Geoff Hayes am 9 Apr. 2020
Bearbeitet: Geoff Hayes am 9 Apr. 2020
ey21 - I think that you need to simplify your code. For the block that is concerned with the inner rows and columns, I've reduced it to
for i = 1:length(img(:,1))
for z = 1:length(img(1,:))
if ((i + w) <= length(img(:,1))) && ((i-w) > 0) && ((z+w) <= length(img(1,:))) && ((z-w) > 0)

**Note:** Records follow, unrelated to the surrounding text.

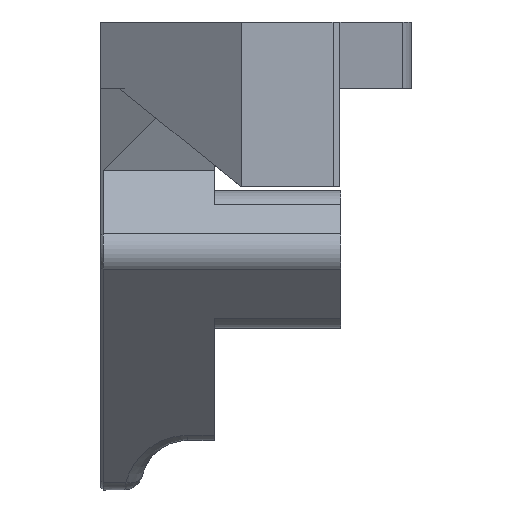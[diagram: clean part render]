
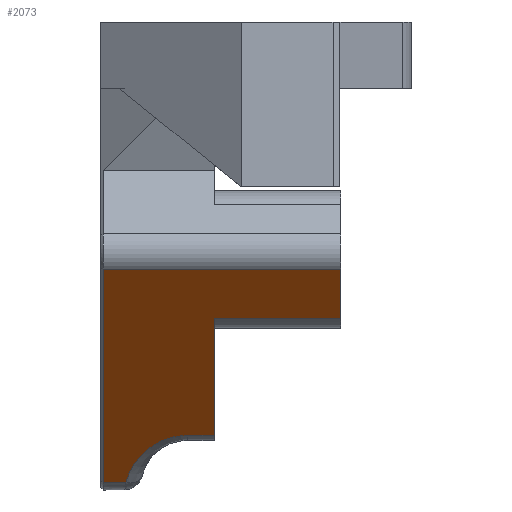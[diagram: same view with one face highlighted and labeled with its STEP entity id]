
A CAD part, left-side view. The second image highlights one B-rep face of the part: STEP entity #2073.
In plain terms, the highlighted planar face has unit normal (-0.707, 0, -0.707).
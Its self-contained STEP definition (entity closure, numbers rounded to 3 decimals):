
#18=ELLIPSE('',#2207,7.778,5.5);
#63=PLANE('',#2225);
#213=FACE_OUTER_BOUND('',#340,.T.);
#340=EDGE_LOOP('',(#1503,#1504,#1505,#1506,#1507,#1508,#1509,#1510));
#479=LINE('',#3290,#649);
#487=LINE('',#3463,#657);
#488=LINE('',#3465,#658);
#489=LINE('',#3467,#659);
#490=LINE('',#3469,#660);
#491=LINE('',#3471,#661);
#492=LINE('',#3472,#662);
#649=VECTOR('',#2443,10.);
#657=VECTOR('',#2495,10.);
#658=VECTOR('',#2496,10.);
#659=VECTOR('',#2497,10.);
#660=VECTOR('',#2498,10.);
#661=VECTOR('',#2499,10.);
#662=VECTOR('',#2500,2.133);
#920=VERTEX_POINT('',#3287);
#921=VERTEX_POINT('',#3289);
#923=VERTEX_POINT('',#3336);
#939=VERTEX_POINT('',#3462);
#940=VERTEX_POINT('',#3464);
#941=VERTEX_POINT('',#3466);
#942=VERTEX_POINT('',#3468);
#943=VERTEX_POINT('',#3470);
#1133=EDGE_CURVE('',#920,#921,#479,.T.);
#1138=EDGE_CURVE('',#921,#923,#18,.T.);
#1160=EDGE_CURVE('',#920,#939,#487,.T.);
#1161=EDGE_CURVE('',#940,#939,#488,.T.);
#1162=EDGE_CURVE('',#941,#940,#489,.T.);
#1163=EDGE_CURVE('',#942,#941,#490,.T.);
#1164=EDGE_CURVE('',#943,#942,#491,.T.);
#1165=EDGE_CURVE('',#923,#943,#492,.T.);
#1503=ORIENTED_EDGE('',*,*,#1138,.F.);
#1504=ORIENTED_EDGE('',*,*,#1133,.F.);
#1505=ORIENTED_EDGE('',*,*,#1160,.T.);
#1506=ORIENTED_EDGE('',*,*,#1161,.F.);
#1507=ORIENTED_EDGE('',*,*,#1162,.F.);
#1508=ORIENTED_EDGE('',*,*,#1163,.F.);
#1509=ORIENTED_EDGE('',*,*,#1164,.F.);
#1510=ORIENTED_EDGE('',*,*,#1165,.F.);
#2073=ADVANCED_FACE('',(#213),#63,.T.);
#2207=AXIS2_PLACEMENT_3D('',#3340,#2451,#2452);
#2225=AXIS2_PLACEMENT_3D('',#3461,#2493,#2494);
#2443=DIRECTION('',(0.,1.,0.));
#2451=DIRECTION('center_axis',(-0.707,0.,
-0.707));
#2452=DIRECTION('ref_axis',(-0.707,0.,0.707));
#2493=DIRECTION('center_axis',(-0.707,0.,
-0.707));
#2494=DIRECTION('ref_axis',(0.707,0.,-0.707));
#2495=DIRECTION('',(-0.707,0.,0.707));
#2496=DIRECTION('',(0.,1.,0.));
#2497=DIRECTION('',(0.707,0.,-0.707));
#2498=DIRECTION('',(0.,-1.,0.));
#2499=DIRECTION('',(-0.707,0.,0.707));
#2500=DIRECTION('',(0.,1.,0.));
#3287=CARTESIAN_POINT('',(18.839,42.458,2.172));
#3289=CARTESIAN_POINT('',(18.839,44.75,2.172));
#3290=CARTESIAN_POINT('',(18.839,48.454,2.172));
#3336=CARTESIAN_POINT('',(22.898,50.058,-1.887));
#3340=CARTESIAN_POINT('Origin',(24.339,44.75,-3.328));
#3461=CARTESIAN_POINT('Origin',(4.55,51.908,16.462));
#3462=CARTESIAN_POINT('',(8.775,42.458,12.237));
#3463=CARTESIAN_POINT('',(6.651,42.458,14.36));
#3464=CARTESIAN_POINT('',(8.775,31.62,12.237));
#3465=CARTESIAN_POINT('',(8.775,46.636,12.237));
#3466=CARTESIAN_POINT('',(4.55,31.62,16.462));
#3467=CARTESIAN_POINT('',(10.867,31.62,10.145));
#3468=CARTESIAN_POINT('',(4.55,52.008,16.462));
#3469=CARTESIAN_POINT('',(4.55,40.858,16.462));
#3470=CARTESIAN_POINT('',(22.898,52.008,-1.887));
#3471=CARTESIAN_POINT('',(10.867,52.008,10.145));
#3472=CARTESIAN_POINT('',(22.898,50.261,-1.887));

submatrix = img((i-w):(i+w),(z-w):(z+w));
output(z,i) = uint8(sum(submatrix(:))/numel(submatrix));
end
end
end
There is only one sum since submatris(:) will return a column of all elements in the submatrix, and then we can just sum those elements. numel is used to return the number of elements in the submatrix so that we can do the appropriate average. I've eliminated the emptymatrix since it is redundant. (I've replaced the change with w since they are identical.)
You still have two other blocks of code, so can all of this be simplified further? I think so...so long as you choose the correct submatrix for each element in the input matrix. In fact, I think that you can do all of this work in one loop regardless as to the pixel if you choose the correct minimum and maximum row and column to create the submatrix from. The example in your assignment tells you what to do if your code is considering the pixel at (1,1) so you could use that information to determine what to do.Your code to get the submatrix of an inner pixel is
submatrix = img((i-w):(i+w),(z-w):(z+w));
because you know that i-w is valid, i+w is valid, z-w is valid, and z+w is valid. This could be made more general if you do
minValidRowIndex = max(1,i-w);
maxValidRowIndex = min(numRows,i+w);
minValidColIndex = max(1,z-w);
maxValidColIndex = min(numCols,z-w);
The above four variables can now be used to get your submatrix for any (I think) pixel. We use max and min to ensure that we never use row or column indices that are outside of the matrix.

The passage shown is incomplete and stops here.